La gran escena catalana del libro es apoteósica. Se trata de la recepción que le hacen los Reyes Católicos a Colón, a la vuelta de su primer viaje, en 1493, en Barcelona, donde se encontraban. “Ahí, haciendo gala de su nuevo estatus, Colón recorrió triunfalmente Barcelona a caballo, flanqueando a Fernando y a su heredero, el infante Juan. Si, como es probable, Colón cabalgó a la izquierda de Fernando, vería la cicatriz aún reciente que tenía el rey desde la oreja hasta el hombro, testimonio de un intento de asesinato que había sufrido pocos meses antes. La gran diversidad de sospechosos de estar detrás de este ataque —los franceses, los catalanes, los navarros, los castellanos— era un recordatorio del frágil estado de la unión española conseguida por Isabel y Fernando”, apunta Wilson-Lee.

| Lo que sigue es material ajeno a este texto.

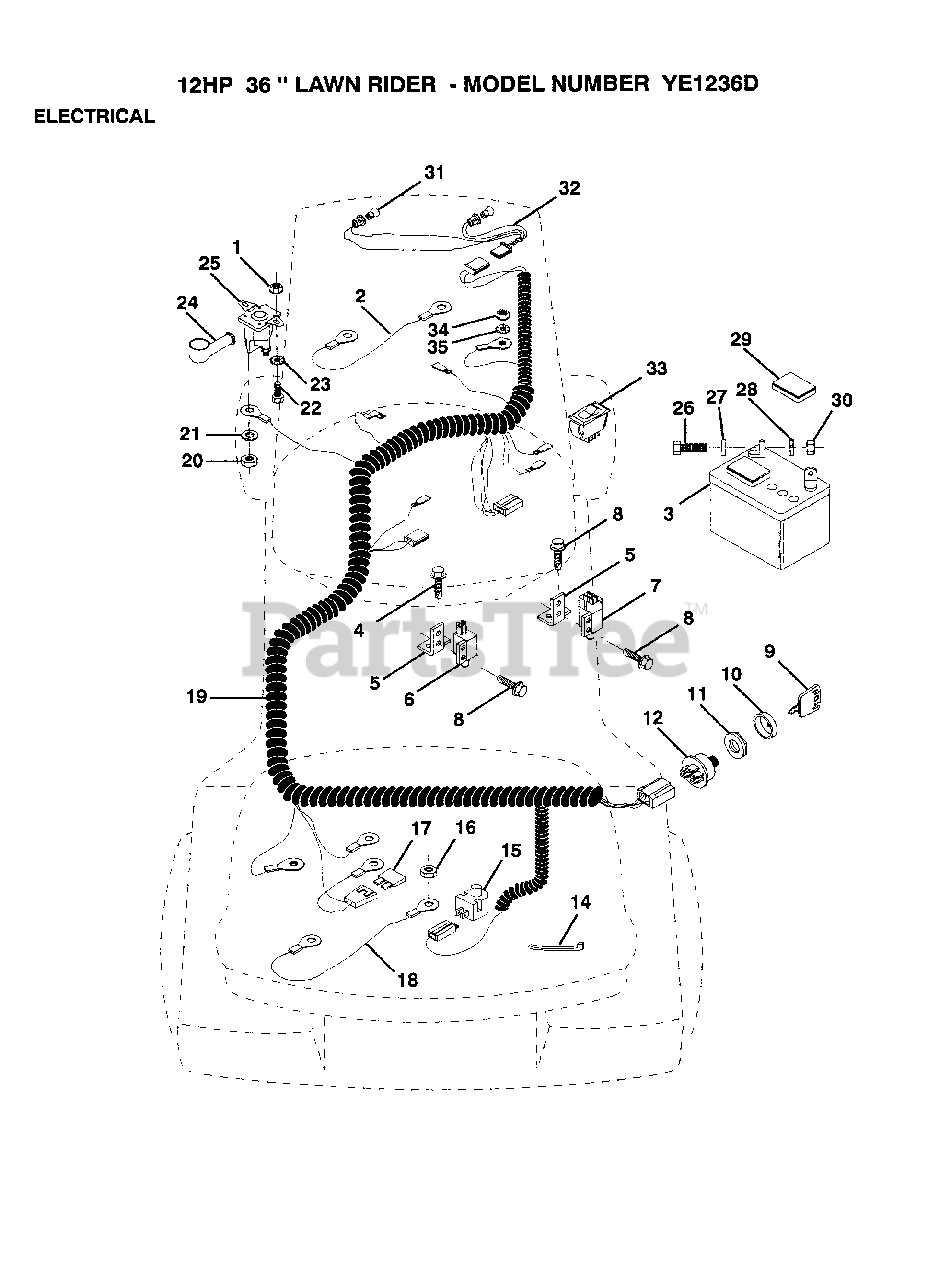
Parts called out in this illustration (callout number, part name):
1	NUT
2	CABLE ASM.
5	BRACKET LT
6	SWITCH-INTER. GT
7	SWITCH INTERLOCKT
8	SCREW
9	KEY
11	NUT IGNITION
14	WIRE TIE
15	SWITCH SEAT
17	FUSE HYT
18	CABLE ASSY
20	NUT
22	BOLT
26	BOLT LT
27	WASHER
28	LOCKWASHER
29	"CAP,BATTERY "
34	NUT
35	LOCKWASHER

Mientras las bibliotecas de la época estaban repletas de tratados de teología, clásicos y de las grandes ciencias, la de Hernando incluía también “mapas y muchos libros escritos por autores que carecían de fama o reputación, folletos endebles, baladas impresas en una sola página y diseñadas para ser pegadas en las paredes de las tabernas, y otras cosas similares que a la mayoría de sus contemporáneos les parecían, directamente, basura. Su idea era más cercana al big data que a la auctoritas. De hecho, una inscripción a la entrada decía que la biblioteca se asentaba sobre la mierda. Para Hernando, todos esos elementos no tenían precio porque lo acercaban a su objetivo de abarcarlo todo, de ser el Google de su tiempo”.

En la biblioteca de Hernando no había paredes sino “hileras de libros una sobre otra, colocados de pie sobre sus lomos, dispuestos de esta nueva manera vertical en cajas de madera diseñadas para ello. Hoy estas estanterías nos resultan tan familiares que pasan inadvertidas, pero los visitantes se asombraban porque era la primera vez que se veían”.

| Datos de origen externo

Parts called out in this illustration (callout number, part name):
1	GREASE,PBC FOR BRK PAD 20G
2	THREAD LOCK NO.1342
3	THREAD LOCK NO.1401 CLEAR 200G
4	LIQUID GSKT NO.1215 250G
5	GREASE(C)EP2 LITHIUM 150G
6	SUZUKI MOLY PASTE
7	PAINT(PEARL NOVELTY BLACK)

No es de extrañar que tamaño empeño despertara la admiración de Borges. “Había jaulas vacías –prosigue el autor– en cuyo interior debían sentarse los lectores, un ejército de lectores remunerados, y fichó bibliotecarios políglotas. Lo más misterioso es el plano de guía de la biblioteca, que se componía de fragmentos: más de diez mil trozos de papel, cada uno de los cuales llevaba un símbolo jeroglífico diferente. Cada una de las múltiples maneras en que estos trozos se podían ensamblar sugería un recorrido diferente por el lugar. Borges dibujaba esos signos en sus libros”. En un espacio en que era imposible ya que la memoria del bibliotecario pudiera albergar la información de los volúmenes, Hernando creó un sistema de epítomes o sumarios “precedente de la tecnología informática”. “Había que encontrar libros que uno no sabía que existían” así que creó el Libro de las materias, “una especie de búsqueda por palabra clave, como Google”, el Libro de los epítomes y el Taller de autos y ciencias para diferentes tipos de pesquisas.

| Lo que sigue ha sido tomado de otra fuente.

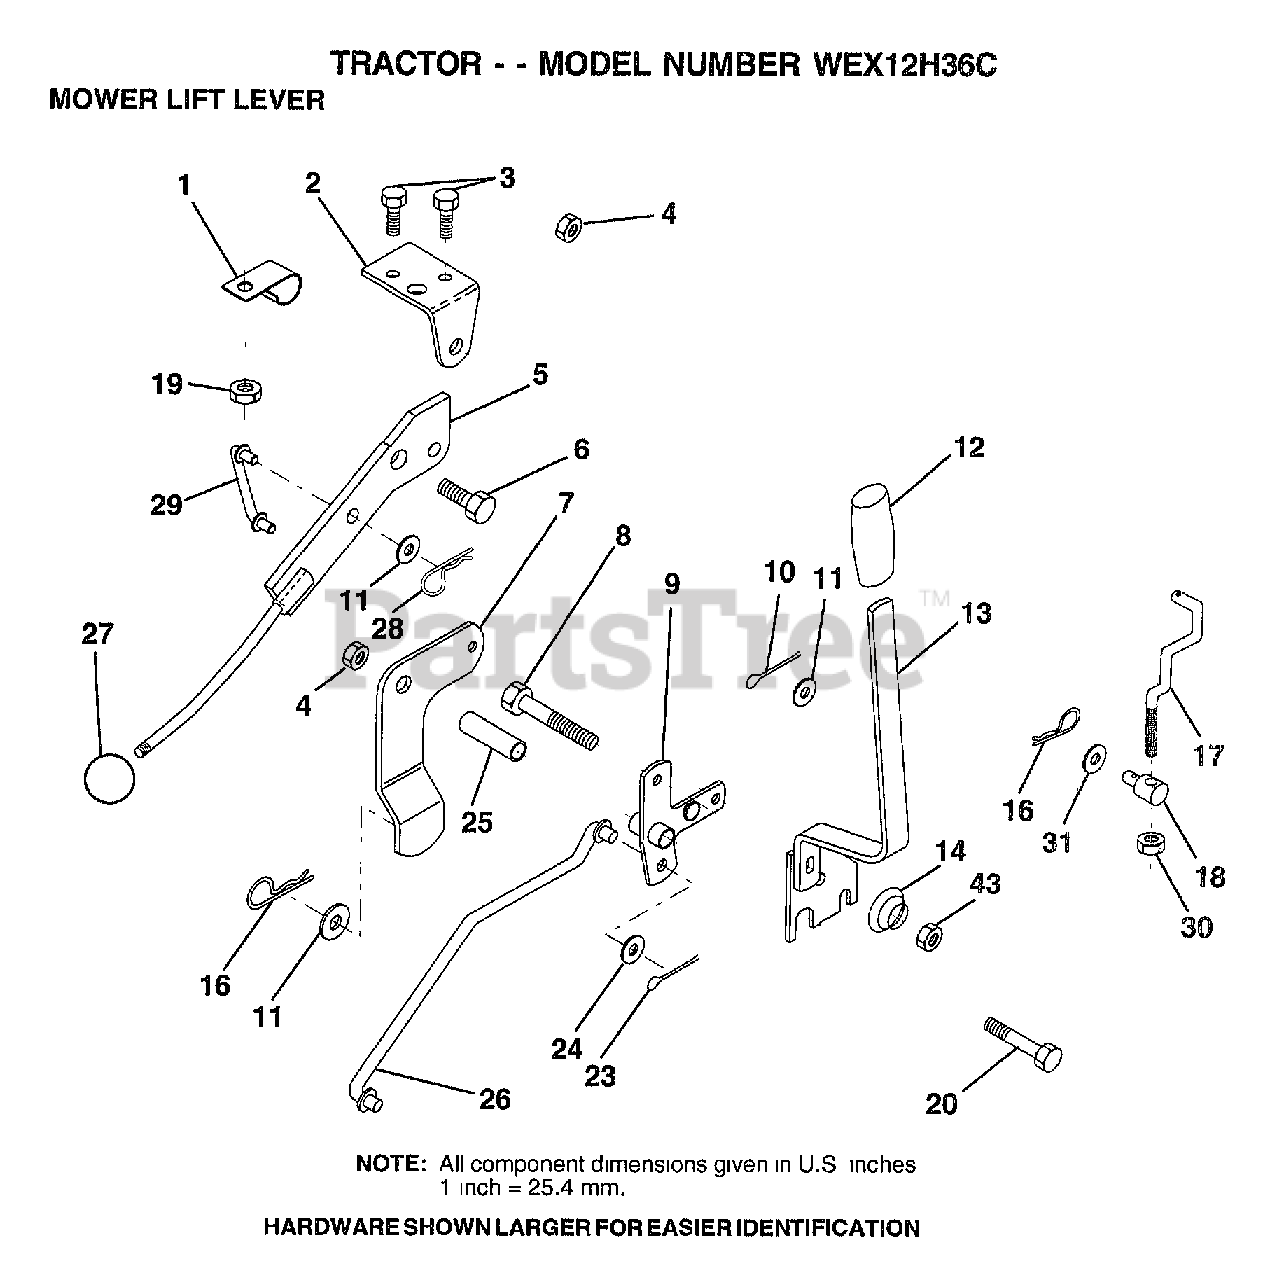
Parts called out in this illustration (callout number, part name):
1	"CLIP,INSULATOR"
2	BRKT CLUTCH
3	BOLT HXHD FIN
5	LEVER.ASM.CLUTCH
6	"BOLT, SHOULDER LT"
7	MWR CLUTCH ARM AS
8	BOLT
9	"BELLCRANK,LIFT"
10	COTTER PIN
11	WASHER
13	HANDLE.ASM.LIFT
14	SPRING COMPRESSIO
16	SPRING.RETAINER
17	"LINK,LIFT FRT"
18	TRUNION ADJ
20	BOLT
23	PIN COTTER 1/8
25	TUBE SPACER
26	ROD LIFT MOWER
27	KNOB T(3/8 HOLE)
28	RETAINER M
29	CLUTCH LINK
30	NUT
31	WASHER

Wilson-Lee no cree que el libro electrónico suponga ninguna revolución cultural similar a la de la imprenta o Internet. “Somos animales físicos, nos gusta pasar las páginas, tocar, nuestra memoria retiene más lo leído en un libro ­físico porque lo asocia al color de la portada, al lugar donde lo ­guardamos, al párrafo donde has leído y marcado algo... todos pensamos físicamente, geolocalizamos. Los libros importantes no se leen en un Kindle, como tampoco la poesía”.

Poco antes de abandonar este mundo, en su lecho de muerte, Hernando se embadurnó la cara con lodo del Guadalquivir como símbolo de humildad. El principal beneficiario de su testamento no fue una persona, sino su biblioteca, algo insólito en la época.